--- START ---

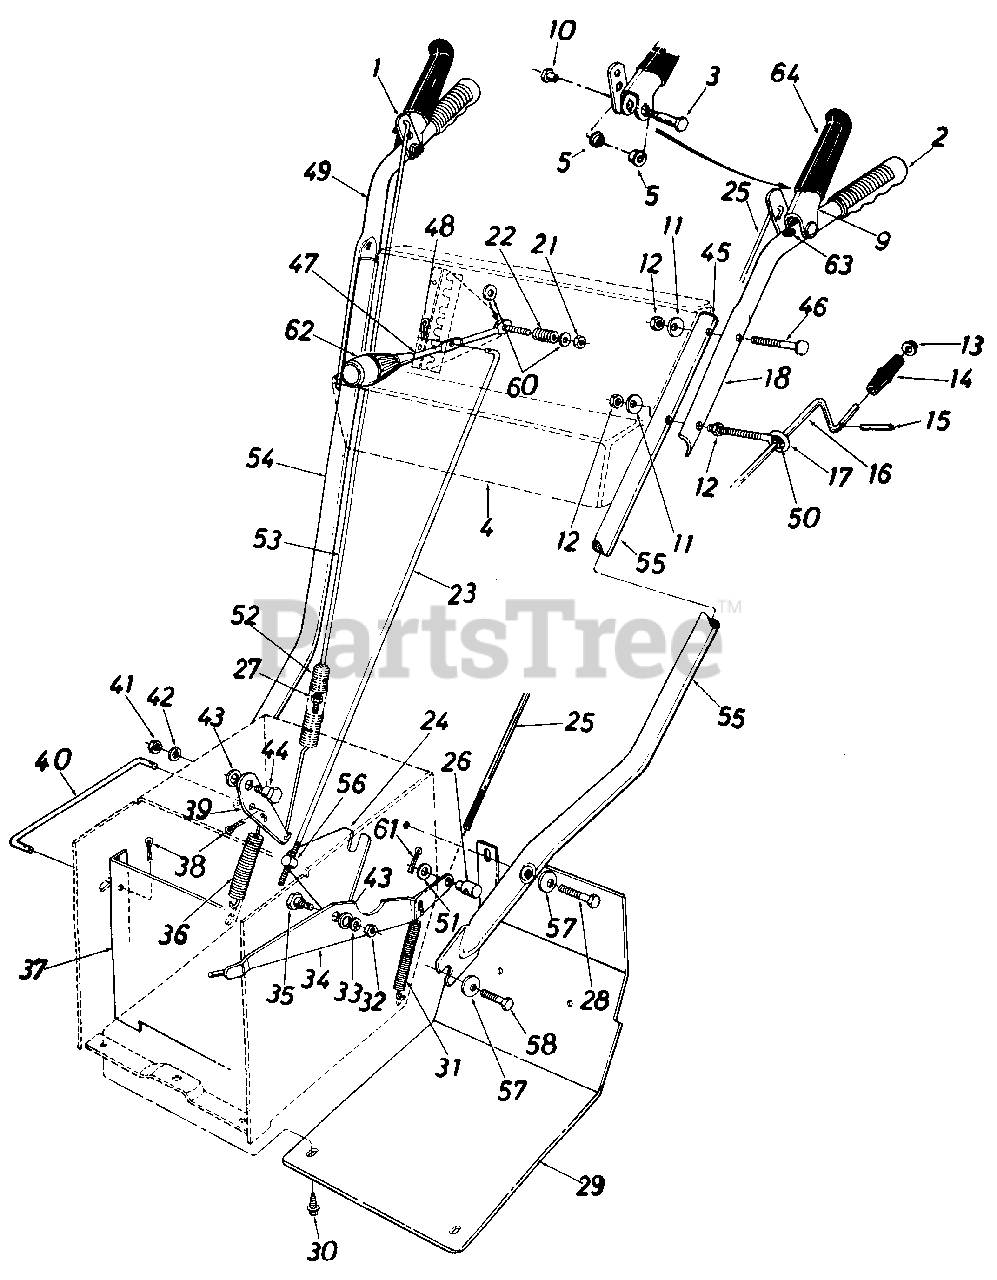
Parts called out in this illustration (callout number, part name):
1	Clutch Grip Ass'y.-R.H.
3	Shoulder Bolt .374 Dia. x 1.375" Lg .
4	Handle Panel Ass'y.
5	Hex Flange Plastic Bearing .380" I.D.
9	Clutch Grip Ass'y.-L.H.
10	Shoulder Nut 1/4-20 Thd.
11	Bell-Wash. .34" I.D. x .88" O.D.
12	Hex Nut 5/16-18 Thd.
13	Push Nut 3/8" Rod
14	Knob 3/8" Rod
15	Roll Pin .12 Dia. X .63" Lg.
16	Chute Crank Ass'y. 39" Lg.
17	Eye Bolt 5/16-18 x 5.0" Lg.
18	Upper Hand e-L.H.
21	Hex Ins. Jam L-Nut 5/16-18 Thd.
22	Compression Spring .50" O.D. x .88" Lg.
23	Shifting Rod 5/16" x 32.50" Lg.
24	Shifting Linkage Bracket
25	Lockout Rod .214" Dia. x 36.0" Lg.
26	Adjustment Ferrule 1/4-20
27	Hex Ins. L-Nut 1/4-20 Thd.
28	Hex Bolt 3/8-16 x 2.00" Lg.
29	Frame Cover
30	Hex Wash. Self-Tap Scr. 1/4-20 x .50" Lg.
31	Extension Spring .38" O.D. x 3.25" Lg.
32	Hex Jam Nut 3/8-16 Thd.
33	L-Wash. 3/8" l.D.
34	Auger Clutch Bracket Ass'y.
35	Shld. Bolt .625" Dia. x .170
36	Extension Spring .75" O.D. X 4.31" Lg.
37	Drive Pulley Support Brkt. Ass'y.
38	Cotter Pin 3/32" Dia. x .75" Lg.'
39	Drive Clutch Bracket
40	Drive Clutch Rod
41	Hex Jam Nut 3/8-16 Thd.
42	L Wash . 3/8" I . D .
43	Bell-Wash. .40" I.D. x 1.13" O.D.
44	Shld. Bolt .625" Dia. x .170
45	Plastic Plug
46	Carriage Bolt 5/16-18 X 2.0" Lg.
47	Shift Handle
48	Int. Cotter Pin 5/16" Dia.
51	Fl-Wash. .344" I.D. x .62" O.D.
52	Extension Spring 75" O.D. x 5 oon Lg.
53	Lockout Rod .214" Dia. x 32" Lg.
54	Lower Handle-R.H.
55	Lower Handle-L.H.
56	Adjustment Ferrule
57	Bell-Wash. 40" l.D. x .88"
58	Hex Wash. Self-Tap Scr. 3/8-16 X 75" Lg.
60	Fl-Wash. 344" l.D. x .62" O.D.
61	Cotter Pin 3/32" Dia.
63	Push Cap
64	Black Vinyl Grip

--- END ---

Task prompt: Return every entry from the listing above exactly as it stands, leaving out any picture.

Output:
Parts called out in this illustration (callout number, part name):
1	Clutch Grip Ass'y.-R.H.
3	Shoulder Bolt .374 Dia. x 1.375" Lg .
4	Handle Panel Ass'y.
5	Hex Flange Plastic Bearing .380" I.D.
9	Clutch Grip Ass'y.-L.H.
10	Shoulder Nut 1/4-20 Thd.
11	Bell-Wash. .34" I.D. x .88" O.D.
12	Hex Nut 5/16-18 Thd.
13	Push Nut 3/8" Rod
14	Knob 3/8" Rod
15	Roll Pin .12 Dia. X .63" Lg.
16	Chute Crank Ass'y. 39" Lg.
17	Eye Bolt 5/16-18 x 5.0" Lg.
18	Upper Hand e-L.H.
21	Hex Ins. Jam L-Nut 5/16-18 Thd.
22	Compression Spring .50" O.D. x .88" Lg.
23	Shifting Rod 5/16" x 32.50" Lg.
24	Shifting Linkage Bracket
25	Lockout Rod .214" Dia. x 36.0" Lg.
26	Adjustment Ferrule 1/4-20
27	Hex Ins. L-Nut 1/4-20 Thd.
28	Hex Bolt 3/8-16 x 2.00" Lg.
29	Frame Cover
30	Hex Wash. Self-Tap Scr. 1/4-20 x .50" Lg.
31	Extension Spring .38" O.D. x 3.25" Lg.
32	Hex Jam Nut 3/8-16 Thd.
33	L-Wash. 3/8" l.D.
34	Auger Clutch Bracket Ass'y.
35	Shld. Bolt .625" Dia. x .170
36	Extension Spring .75" O.D. X 4.31" Lg.
37	Drive Pulley Support Brkt. Ass'y.
38	Cotter Pin 3/32" Dia. x .75" Lg.'
39	Drive Clutch Bracket
40	Drive Clutch Rod
41	Hex Jam Nut 3/8-16 Thd.
42	L Wash . 3/8" I . D .
43	Bell-Wash. .40" I.D. x 1.13" O.D.
44	Shld. Bolt .625" Dia. x .170
45	Plastic Plug
46	Carriage Bolt 5/16-18 X 2.0" Lg.
47	Shift Handle
48	Int. Cotter Pin 5/16" Dia.
51	Fl-Wash. .344" I.D. x .62" O.D.
52	Extension Spring 75" O.D. x 5 oon Lg.
53	Lockout Rod .214" Dia. x 32" Lg.
54	Lower Handle-R.H.
55	Lower Handle-L.H.
56	Adjustment Ferrule
57	Bell-Wash. 40" l.D. x .88"
58	Hex Wash. Self-Tap Scr. 3/8-16 X 75" Lg.
60	Fl-Wash. 344" l.D. x .62" O.D.
61	Cotter Pin 3/32" Dia.
63	Push Cap
64	Black Vinyl Grip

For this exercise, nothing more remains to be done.